Pour développer une bonne improvisation, les joueurs doivent faire preuve de créativité, d'audace et d'être à l'écoute des autres joueurs. Ces qualités qui s'acquièrent avec la maturité pourraient nous laisser croire que les jeunes du primaire ne les possèdent pas encore et qu'ils ne seront forcément pas prêts pour pratiquer cette activité si enrichissante. Afin de savoir si les élèves du primaire sont à la hauteur du défi de l'improvisation, nous avons eu la chance de nous entretenir avec un enseignant en art dramatique.


« Francis, la première fois que tu as proposé à tes élèves d'improviser, est-ce qu'ils te regardaient avec de grands yeux interrogatifs ou s'ils connaissaient l'improvisation ?


Rép. : Certains connaissaient le mot (rires), mais la plupart ne savaient pas ce que ça impliquait du tout.


-Est-ce que c'est long le processus de leur apprendre l'impro au début jusqu'au jour où vous commencez à avoir du plaisir ?


Rép. : Tout dépend de l’intérêt de l’élève; ceux qui aiment la scène, le jeu, les présentations orales y trouvent leur compte très rapidement. Ils en mangent sur le champ, si je peux dire. D’autres en sont effrayés au début, préférant regarder leurs camarades s’éclater, puis, petit à petit, effet de groupe agissant, ils s’essaient, entendent les amis rire, prennent confiance et font peut-être partie du spectacle de fin d’année !!


-Est-ce qu'il y a des sujets que tu privilégies ou évites avec des élèves du primaire ?


Rép. : On essaie de tout. On fait de l’impro surtout au 3e cycle et ils sont avides de tout, alors, on se lance dans toutes les directions. Ça mène parfois à des sujets qui touchent les « hormones ». On prend alors un temps pour en discuter plus sérieusement, l’école est là pour ça, finalement. Bref, on parle de tout, sans tabou. C’est ma façon de voir les choses !

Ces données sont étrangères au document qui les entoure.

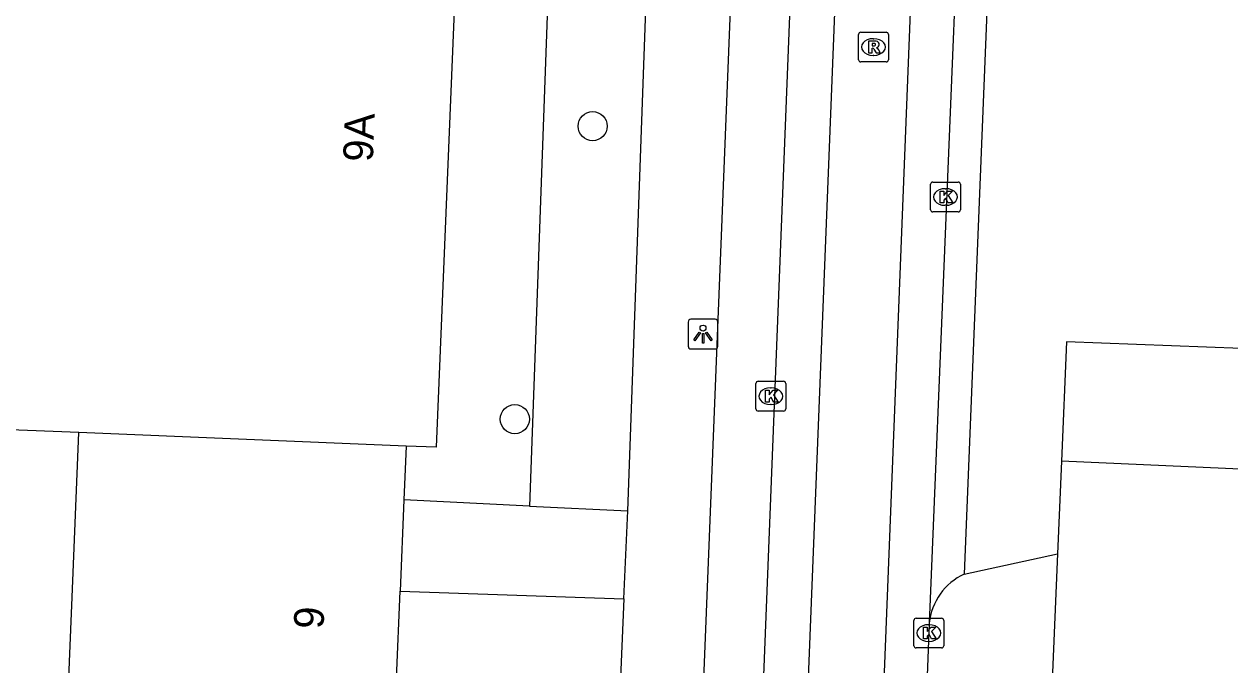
# Model space of a CAD drawing. Extents: x 160732 to 162105, y 387428 to 388479.
# Drawn here: x 161742.01 to 161782.5, y 387682.69 to 387704.22 of the extents above; entities that cross this region are included whole.
import ezdxf

# ---------------------------------------------------------------- set-up
doc = ezdxf.new("R2010")
doc.units = 0
for name, color, linetype in [('IMGEO_Boom', 7, 'Continuous'), ('IMGEO_Groenvoorziening', 7, 'Continuous'), ('IMGEO_Kolk', 7, 'Continuous'), ('IMGEO_Lichtpunt', 7, 'Continuous'), ('IMGEO_Pand', 7, 'Continuous'), ('IMGEO_Pand_nummerreeks', 7, 'Continuous'), ('IMGEO_Parkeervlak_open', 7, 'Continuous'), ('IMGEO_Rijbaan_lokaal_gesloten', 7, 'Continuous'), ('IMGEO_Rioolput', 7, 'Continuous'), ('IMGEO_Voetpad_open', 7, 'Continuous')]:
    doc.layers.add(name, color=color, linetype=linetype)

msp = doc.modelspace()

# ---------------------------------------------------------------- linework, layer by layer
at = {"layer": 'IMGEO_Boom'}
for centre in [(161761.102, 387700.791), (161758.486, 387690.947)]:
    msp.add_circle(centre, 0.489, dxfattribs=at)
at = {"layer": 'IMGEO_Groenvoorziening'}
msp.add_lwpolyline([(161759.684, 387707.629), (161758.983, 387688.027)], dxfattribs=at)
at = {"layer": 'IMGEO_Kolk'}
for p, q in [((161772.45, 387697.985), (161772.45, 387698.837)), ((161772.525, 387698.911), (161773.377, 387698.911)), ((161772.938, 387698.691), (161772.963, 387698.691)), ((161773.451, 387698.837), (161773.451, 387697.985)), ((161773.377, 387697.911), (161772.525, 387697.911)), ((161772.961, 387698.131), (161772.936, 387698.131)), ((161766.587, 387691.291), (161766.587, 387692.143)), ((161766.662, 387692.217), (161767.514, 387692.217)), ((161767.588, 387692.143), (161767.588, 387691.291)), ((161767.075, 387691.997), (161767.1, 387691.997)), ((161767.098, 387691.437), (161767.073, 387691.437)), ((161767.514, 387691.217), (161766.662, 387691.217)), ((161771.892, 387683.333), (161771.892, 387684.185)), ((161771.967, 387684.259), (161772.819, 387684.259)), ((161772.38, 387684.039), (161772.405, 387684.039)), ((161772.893, 387684.185), (161772.893, 387683.333)), ((161772.819, 387683.259), (161771.967, 387683.259)), ((161772.403, 387683.479), (161772.378, 387683.479))]:
    msp.add_line(p, q, dxfattribs=at)
for points in [[(161772.45, 387697.985), (161772.45, 387698.837)], [(161772.525, 387698.911), (161773.377, 387698.911)], [(161772.771, 387698.611), (161772.894, 387698.611), (161772.894, 387698.46), (161773.024, 387698.611), (161773.188, 387698.611), (161773.042, 387698.46), (161773.195, 387698.211), (161773.043, 387698.211), (161772.958, 387698.375), (161772.894, 387698.308), (161772.894, 387698.211), (161772.771, 387698.211), (161772.771, 387698.611)], [(161773.451, 387698.837), (161773.451, 387697.985)], [(161773.377, 387697.911), (161772.525, 387697.911)], [(161766.587, 387691.291), (161766.587, 387692.143)], [(161766.662, 387692.217), (161767.514, 387692.217)], [(161767.588, 387692.143), (161767.588, 387691.291)], [(161766.908, 387691.917), (161767.031, 387691.917), (161767.031, 387691.766), (161767.161, 387691.917), (161767.325, 387691.917), (161767.179, 387691.766), (161767.332, 387691.517), (161767.18, 387691.517), (161767.095, 387691.681), (161767.031, 387691.614), (161767.031, 387691.517), (161766.908, 387691.517), (161766.908, 387691.917)], [(161767.514, 387691.217), (161766.662, 387691.217)], [(161771.892, 387683.333), (161771.892, 387684.185)], [(161771.967, 387684.259), (161772.819, 387684.259)], [(161772.893, 387684.185), (161772.893, 387683.333)], [(161772.213, 387683.959), (161772.336, 387683.959), (161772.336, 387683.808), (161772.466, 387683.959), (161772.63, 387683.959), (161772.484, 387683.808), (161772.637, 387683.559), (161772.485, 387683.559), (161772.4, 387683.723), (161772.336, 387683.656), (161772.336, 387683.559), (161772.213, 387683.559), (161772.213, 387683.959)], [(161772.819, 387683.259), (161771.967, 387683.259)]]:
    msp.add_lwpolyline(points, dxfattribs=at)
for centre, start, end in [((161772.527, 387698.835), 91.552, 178.448), ((161772.527, 387698.835), 91.552, 178.448), ((161773.375, 387698.835), 1.552, 88.448), ((161773.375, 387698.835), 1.552, 88.448), ((161772.527, 387697.987), 181.552, 268.448), ((161772.527, 387697.987), 181.552, 268.448), ((161773.375, 387697.987), 271.552, 358.448), ((161773.375, 387697.987), 271.552, 358.448), ((161766.664, 387692.141), 91.552, 178.448), ((161766.664, 387692.141), 91.552, 178.448), ((161767.512, 387692.141), 1.552, 88.448), ((161767.512, 387692.141), 1.552, 88.448), ((161766.664, 387691.293), 181.552, 268.448), ((161766.664, 387691.293), 181.552, 268.448), ((161767.512, 387691.293), 271.552, 358.448), ((161767.512, 387691.293), 271.552, 358.448), ((161771.969, 387684.183), 91.552, 178.448), ((161771.969, 387684.183), 91.552, 178.448), ((161772.817, 387684.183), 1.552, 88.448), ((161772.817, 387684.183), 1.552, 88.448), ((161771.969, 387683.335), 181.552, 268.448), ((161771.969, 387683.335), 181.552, 268.448), ((161772.817, 387683.335), 271.552, 358.448), ((161772.817, 387683.335), 271.552, 358.448)]:
    msp.add_arc(centre, 0.0765, start, end, dxfattribs=at)
for centre, major_axis, ratio, start_param, end_param in [((161772.937, 387698.411), (-0.387, 0.002), 0.722429, 4.712389, 7.853982), ((161772.962, 387698.411), (-0.39, 0.002), 0.717154, 1.570796, 4.712389), ((161767.074, 387691.717), (-0.387, 0.002), 0.722429, 4.712389, 7.853982), ((161767.099, 387691.717), (-0.39, 0.002), 0.717154, 1.570796, 4.712389), ((161772.379, 387683.759), (-0.387, 0.002), 0.722429, 4.712389, 7.853982), ((161772.404, 387683.759), (-0.39, 0.002), 0.717154, 1.570796, 4.712389)]:
    msp.add_ellipse(centre, major_axis=major_axis, ratio=ratio, start_param=start_param, end_param=end_param, dxfattribs=at)
at = {"layer": 'IMGEO_Lichtpunt'}
for p, q in [((161764.31, 387694.208), (161764.31, 387693.401)), ((161764.31, 387694.208), (161764.31, 387693.401)), ((161765.212, 387694.303), (161764.404, 387694.303)), ((161765.212, 387694.303), (161764.404, 387694.303)), ((161765.306, 387693.401), (161765.306, 387694.208)), ((161765.306, 387693.401), (161765.306, 387694.208)), ((161764.404, 387693.307), (161765.212, 387693.307)), ((161764.404, 387693.307), (161765.212, 387693.307))]:
    msp.add_line(p, q, dxfattribs=at)
for points in [[(161764.684, 387693.872), (161764.723, 387693.844), (161764.535, 387693.582), (161764.497, 387693.609), (161764.684, 387693.872)], [(161764.786, 387693.824), (161764.833, 387693.824), (161764.833, 387693.502), (161764.786, 387693.502), (161764.786, 387693.824)], [(161764.896, 387693.844), (161764.934, 387693.871), (161765.121, 387693.609), (161765.082, 387693.581), (161764.896, 387693.844)]]:
    msp.add_lwpolyline(points, dxfattribs=at)
msp.add_circle((161764.809, 387694.006), 0.0994, dxfattribs=at)
for centre, start, end in [((161764.404, 387694.208), 90, 180), ((161764.404, 387694.208), 90, 180), ((161765.212, 387694.208), 0, 90), ((161765.212, 387694.208), 0, 90), ((161764.404, 387693.401), 180, 270), ((161764.404, 387693.401), 180, 270), ((161765.212, 387693.401), 270, 0), ((161765.212, 387693.401), 270, 360)]:
    msp.add_arc(centre, 0.0946, start, end, dxfattribs=at)
at = {"layer": 'IMGEO_Pand'}
for points in [[(161756.571, 387707.722), (161756.491, 387705.761), (161755.846, 387690.002), (161754.835, 387690.043)], [(161743.842, 387690.494), (161740.382, 387690.636), (161733.58, 387690.914)], [(161743.352, 387678.515), (161743.382, 387679.267), (161743.616, 387684.965), (161743.842, 387690.494)], [(161754.835, 387690.043), (161743.842, 387690.494)], [(161754.835, 387690.043), (161754.761, 387688.235)], [(161754.761, 387688.235), (161754.635, 387685.168)], [(161754.515, 387682.236), (161754.635, 387685.168)]]:
    msp.add_lwpolyline(points, dxfattribs=at)
at = {"layer": 'IMGEO_Parkeervlak_open'}
msp.add_lwpolyline([(161789.87, 387688.951), (161776.848, 387689.532)], dxfattribs=at)
at = {"layer": 'IMGEO_Rijbaan_lokaal_gesloten'}
for points in [[(161772.101, 387676.132), (161770.659, 387676.179), (161772.786, 387730.234), (161774.215, 387730.246)], [(161768.737, 387730.143), (161770.236, 387730.084), (161768.083, 387675.735)], [(161766.588, 387675.788), (161768.695, 387729.238)], [(161773.496, 387710.807), (161772.406, 387684.088)], [(161772.406, 387684.088), (161772.101, 387676.132)]]:
    msp.add_lwpolyline(points, dxfattribs=at)
at = {"layer": 'IMGEO_Rioolput'}
for p, q in [((161770.032, 387703.024), (161770.032, 387703.876)), ((161770.107, 387703.95), (161770.959, 387703.95)), ((161771.033, 387703.876), (161771.033, 387703.024)), ((161770.52, 387703.73), (161770.545, 387703.73)), ((161770.543, 387703.17), (161770.518, 387703.17)), ((161770.959, 387702.95), (161770.107, 387702.95))]:
    msp.add_line(p, q, dxfattribs=at)
for points in [[(161770.032, 387703.024), (161770.032, 387703.876)], [(161770.107, 387703.95), (161770.959, 387703.95)], [(161771.033, 387703.876), (161771.033, 387703.024)], [(161770.621, 387703.648), (161770.369, 387703.65), (161770.369, 387703.25)], [(161770.547, 387703.569), (161770.493, 387703.569), (161770.493, 387703.488)], [(161770.493, 387703.488), (161770.545, 387703.488)], [(161770.369, 387703.25), (161770.493, 387703.25), (161770.493, 387703.412), (161770.504, 387703.412)], [(161770.551, 387703.383), (161770.622, 387703.25), (161770.762, 387703.25), (161770.697, 387703.376)], [(161770.959, 387702.95), (161770.107, 387702.95)]]:
    msp.add_lwpolyline(points, dxfattribs=at)
for centre, radius, start, end in [((161770.109, 387703.874), 0.0765, 91.552, 178.448), ((161770.109, 387703.874), 0.0765, 91.552, 178.448), ((161770.957, 387703.874), 0.0765, 1.552, 88.448), ((161770.957, 387703.874), 0.0765, 1.552, 88.448), ((161770.529, 387703.677), 0.19, 274.7715, 282.9687), ((161770.553, 387703.473), 0.0964, 77.0061, 93.1865), ((161770.567, 387703.53), 0.0378, 276.6634, 79.6772), ((161770.62, 387703.538), 0.109, 350.3612, 89.416), ((161770.618, 387703.538), 0.112, 277.5842, 350.9817), ((161770.503, 387703.359), 0.0533, 26.0293, 88.6989), ((161770.602, 387703.323), 0.108, 29.5134, 73.7905), ((161770.109, 387703.026), 0.0765, 181.552, 268.448), ((161770.109, 387703.026), 0.0765, 181.552, 268.448), ((161770.957, 387703.026), 0.0765, 271.552, 358.448), ((161770.957, 387703.026), 0.0765, 271.552, 358.448)]:
    msp.add_arc(centre, radius, start, end, dxfattribs=at)
for centre, major_axis, ratio, start_param, end_param in [((161770.519, 387703.45), (-0.387, 0.002), 0.722429, 4.712389, 7.853982), ((161770.544, 387703.45), (-0.39, 0.002), 0.717154, 1.570796, 4.712389)]:
    msp.add_ellipse(centre, major_axis=major_axis, ratio=ratio, start_param=start_param, end_param=end_param, dxfattribs=at)
at = {"layer": 'IMGEO_Voetpad_open'}
for points in [[(161763.799, 387656.058), (161766.58, 387726.083)], [(161774.523, 387709.099), (161773.584, 387685.738)], [(161762.284, 387687.865), (161762.99, 387707.531)], [(161787.6, 387693.137), (161777.018, 387693.539), (161776.848, 387689.532)], [(161776.848, 387689.532), (161776.716, 387686.42)], [(161758.983, 387688.027), (161754.761, 387688.235)], [(161758.983, 387688.027), (161762.284, 387687.865)], [(161762.148, 387684.903), (161762.284, 387687.865)], [(161773.584, 387685.738), (161776.716, 387686.42)], [(161776.716, 387686.42), (161776.063, 387670.995)], [(161754.635, 387685.168), (161762.148, 387684.903)], [(161762.148, 387684.903), (161761.462, 387668.742)]]:
    msp.add_lwpolyline(points, dxfattribs=at)
msp.add_arc((161774.441, 387683.881), 2.045, 114.764, 174.1869, dxfattribs=at)

# ---------------------------------------------------------------- texts
at = {"layer": 'IMGEO_Pand_nummerreeks'}
for s, rotation, p in [('9A', 87.6568, (161753.716, 387699.579)), ('9', 87.6574, (161752.06, 387683.883))]:
    msp.add_text(s, height=1, rotation=rotation, dxfattribs=at).set_placement(p)

doc.saveas('drawing.dxf')

-As-tu eu la chance de voir des élèves se développer et de prendre de l'assurance, en fait, d’assister à de belles histoires de vie finalement ?


Rép. : Tu dis !!! L’impro, l’art dram en général, confronte les jeunes et moins jeunes, vient puiser dans des ressources cachées et inconnues des élèves et plusieurs se découvrent des talents créatifs. Je suis tellement content de voir des jeunes éclorent sur scène alors que lorsque je les ai connus, il y a trois ans maintenant, je ne me doutais pas des étincelles qu’ils feraient sur scène trois ans plus tard. D’autres enseignants sont d’ailleurs surpris d’entendre qu’une telle et son masculin font de l’impro. Ils sont encore plus surpris quand je leur dis qu’ils excellent et, vachement étonnés, quand ils apprennent que ces jeunes ont choisi art dram au secondaire. Je crois franchement que l’impro a bouleversé des vies à cette école. C’est génial !!


-Est-ce qu'il y a un lien spécial que l'improvisation permet de développer à l'intérieur de la classe ?


Rép. : Certes. Notre troupe d’impro est soudée, solidaire et solide. On s’aide, on se comprend et on partage tout. Sérieux ! Ils apprennent tellement à se connaître, à développer l’entraide, l’empathie, la compétition saine, à se responsabiliser (plusieurs ont des rôles à jouer : arbitre, juge, responsable des répliques). On forme une petite famille qui partage sa passion avec les autres le vendredi midi lors des matchs. C’est festif, il y a de la musique, on bouffe ensemble, on vote ensemble et on s’émeut ensemble. Une maudite belle gang qui me donne du « jus » en masse cette journée-là. Et j’ai développé des relations de confiance à un niveau jamais égalé depuis que j’enseigne. La confiance règne dans le local d’art dram !!!


-Est-ce long avant que les jeunes arrivent à créer des improvisations bien cousues et où on retrouve une synergie entre les improvisateurs ?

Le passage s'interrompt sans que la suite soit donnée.